The Enid News and Eagle, Enid, OK

Enid Features

July 5, 2014

The man who fell into the pit and couldn’t get himself out

A subjective person came along and said, “I feel for you down there.”

An objective person came along and said, “It’s logical that someone would fall down there.”

A Christian Scientist came along and said, “You only think you’re in the pit.”

A Pharisee said, “Only bad people fall into a pit.”

Confucius said, “If you would have listened to me you wouldn’t be in that pit.”

Buddha said, “You’re pit is only a state of mind.”

A realist said, “That’s a pit.”

A scientist calculated the pressure necessary, pounds and square inches, to get him out of the pit.

A geologist told him to appreciate and study the rock strata.

An evolutionist said, “You are a rejected mutant destined to be removed from the evolutionary cycle, in other words he is going to die in the pit so he can’t produce any more pit falling offspring.”

The country inspector said, “Did you have a permit to dig that pit?”

A professor gave him a lecture on the elementary principles of the pit.

A self-pitying person said, “You haven’t seen anything until you’ve seen my pit.”

An optimist said, “Things could get worse.”

A pessimist said, “Things are going to get worse.”

A sympathetic person might say, “That’s a pity.”

Jesus saw the man in the pit, took him by the hand and lifted him out.

Author unknown

***

Such is life, beloveds. This poem pretty much represents every one of us in some fashion or another.

I see this poem as a cross between the Parable of the Good Samaritan found in Luke 10:25-37 and David’s words in Psalm 40:1-5.

“On one occasion an expert in the law stood up to test Jesus. “Teacher,” he asked, “what must I do to inherit eternal life?”

Jesus said to him, What is written in the Law? How do you read it?

He answered, you must love the Lord your God with all your heart and with all your soul and with all your strength and with all your mind; and, love your neighbor as yourself.

“You have answered correctly,” Jesus replied. “Do this and you will live.”

But he wanted to justify himself, so he asked Jesus, “And who is my neighbor?”

In reply Jesus said: “A man was going down from Jerusalem to Jericho, when he was attacked by robbers. They stripped him of his clothes, beat him and went away, leaving him half dead. A priest happened to be going down the same road, and when he saw the man, he passed by on the other side. So too, a Levite, when he came to the place and saw him, passed by on the other side. But a Samaritan, as he traveled, came where the man was; and when he saw him, he took pity on him. He went to him and bandaged his wounds, pouring on oil and wine. Then he put the man on his own donkey, brought him to an inn and took care of him. The next day he took out two denarii and gave them to the innkeeper. “Look after him,” he said, “and when I return, I will reimburse you for any extra expense you may have.”

“Which of these three do you think was a neighbor to the man who fell into the hands of robbers?” ask Jesus.

The expert in the law replied, “The one who had mercy on him.”

Jesus told him, “Go and do likewise.” (Luke 10: 25-37)

But the words of David in Psalm 40:1-5 pull on my hearts strings more than anything. I guess because it’s my story ... my song.

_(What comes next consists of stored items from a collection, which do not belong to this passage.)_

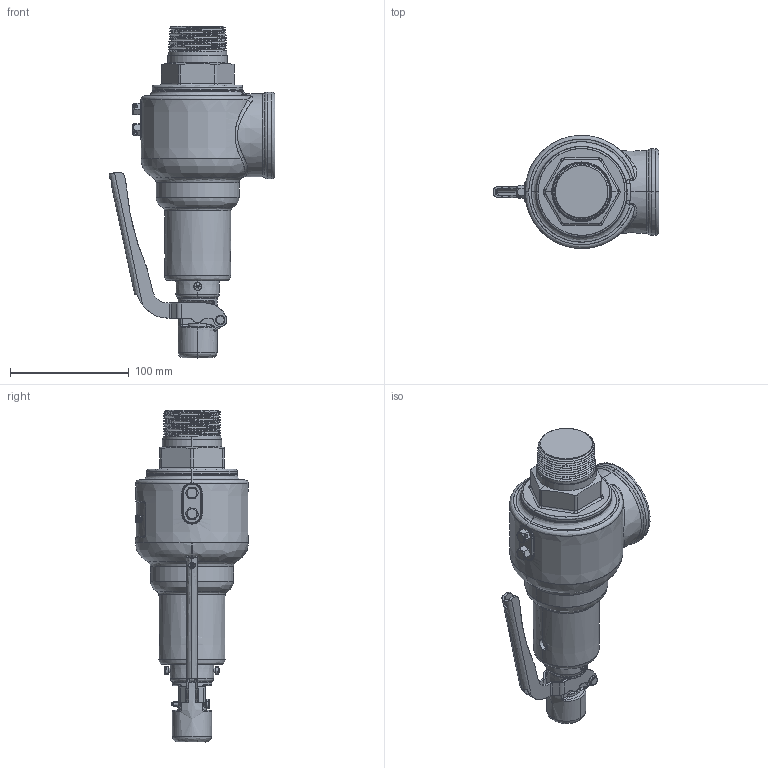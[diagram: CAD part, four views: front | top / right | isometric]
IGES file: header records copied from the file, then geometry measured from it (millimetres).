
Start section: SolidWorks IGES file using analytic representation for surfaces
Global section: file name: C:\Design\Design\Aquatrol\Customer 3D Files\Series 560 Customer Files\Series 560 1500 x 2000\Customer\Series 560 1500 x 2000.IGS; native system: SolidWorks 2015; preprocessor: SolidWorks 2015; author: Karl; date: 141202.103433; units: inch
Bounding box: 139.65 x 95.25 x 279.35 mm (x, y, z)
Surface area: 87542.7 mm2 (no closed solid volume)
Topology: 0 solids, 0 shells, 496 faces, 9673 edges, 9673 vertices
Faces by surface type: bspline 289, revolution 207

“I waited patiently and expectantly for the Lord: and He inclined to me and heard my cry. He drew me up out of a horrible pit {a pit of tumult and of destruction}, out of the miry clay (froth and slime), and set my feet upon a rock, steadying my steps and establishing my goings. He has put a new song in my mouth, a song of praise to our God. Many shall see and fear (revere and worship); and put their trust and confident reliance in the Lord. Blessed (happy, fortunate, to be envied) is the man who makes the Lord his refuge and trust, and turns not to the proud or to followers of false gods. Many, O Lord my God, are the wonderful works which You have done, and Your thoughts toward us: NO ONE CAN COMPARE WITH YOU! If I should declare and speak of them, they are too many to be numbered.”

And the rest is history. What He did for me, my friend, He WILL do for you. He is no respector of persons.

Keep the faith and worship somewhere today.